Есть пять заливов, где никто не живет. Если обойти кругом первый, то придется обойти и остальные. Первый — широкий и битком набит белым песком. Там есть пещера с песчаным дном. Стены ее всегда мокрые, а в потолке трещина. Пещера длиннее, чем я, когда лежу на спине, а сегодня она холодна как лед. В самой глубине пещеры узенькая черная норка.
И вот мой таинственный друг вылезает из этой норки.
Я сказала:
— Какое прекрасное, какое очаровательное утро!
А он ответил:
— Это утро не обычное, потому что я слышу, как кто-то бормочет за горизонтом!
Он сидел за моей спиной, и я знала, что шкурка его полиняла и он не хочет, чтоб на него смотрели. И я совершенно равнодушно сказала:
— В пятницу тоже бормотали. Ты видел Фанни?

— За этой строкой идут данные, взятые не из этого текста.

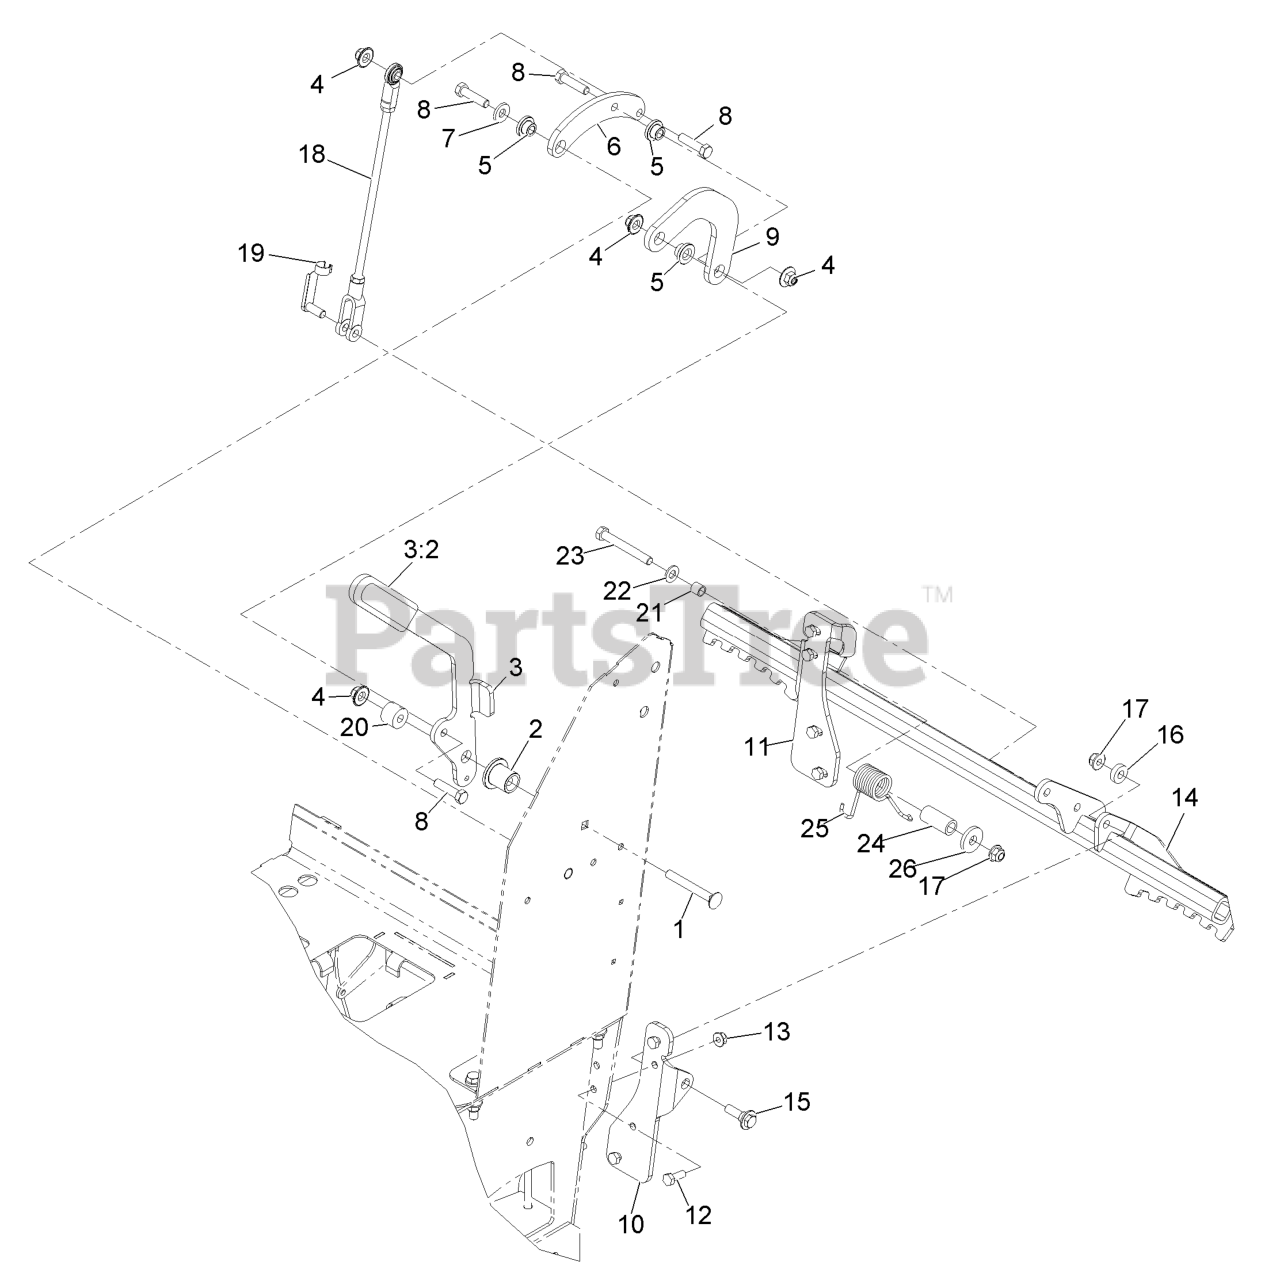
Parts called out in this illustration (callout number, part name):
1	SCREW-CARR
2	BUSHING-HANDLE
3	HANDLE-W/GRIP ASM
3:2	GRIP-LEVER
4	Nut-Nyloc 3/8-16 Flg
5	BUSHING-FLANGED
6	ARM-BRAKE BELLCRANK
7	WASHER-BELLEVILLE
8	SCREW-HH
9	LINK-BRAKE HANDLE
10	BRACKET-BRAKE MOUNT, LH
11	BRACKET-BRAKE MOUNT, RH
12	SCREW-HH
13	NUT-HF, NI
14	BAR-BRAKE
15	SCREW-SHOULDER, HWH
16	SPACER
17	NUT-HF, NI
18	ASM-BRAKE LINKAGE
19	PIN-SPRING, CLEVIS
22	WASHER-FLAT
23	SCREW-CARR
25	SPRING-TORSION
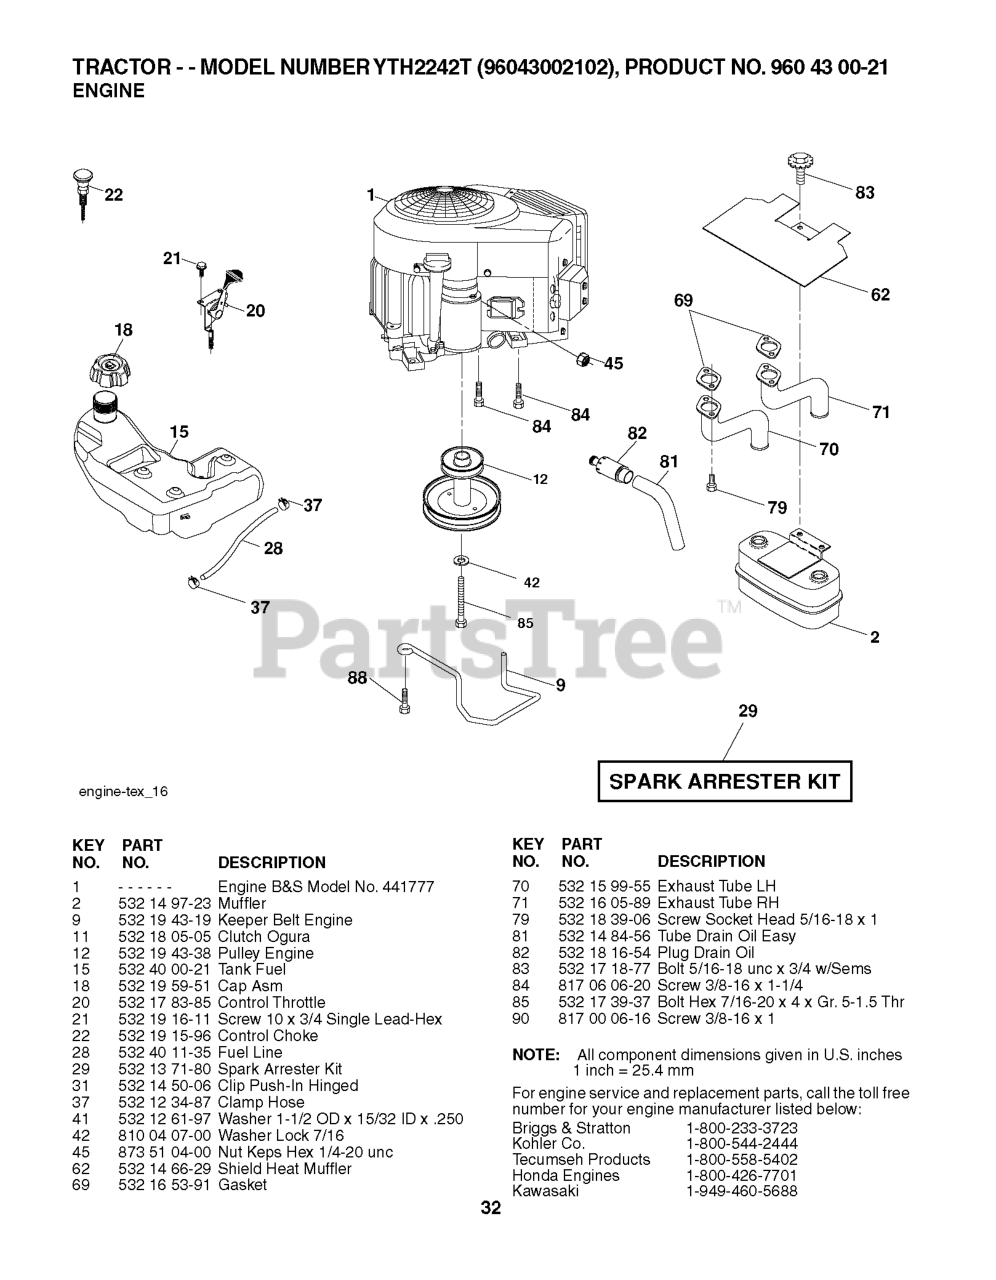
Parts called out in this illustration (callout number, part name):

— Перед сумерками она сидела на рябиновом дереве, — ответил он.
Но я знала, что Фанни неохотно лазает на деревья и что мой друг пытается лишь произвести на меня впечатление. Так что я ничего не сказала, пусть остается при своем… Приятно быть в обществе. Когда он заметил, что я не желаю разговаривать, он немножко поиграл мне. В пещере стоял ледяной холод, и я решила уйти, как только он кончит играть. Так что после последней ноты я сказала:
— Это был приятный визит. Но мне кажется, пора, к сожалению, прервать его. Как дела дома?
— Очень хорошо, — ответил он. — Моя жена родила пятерых детишек. Все — девочки.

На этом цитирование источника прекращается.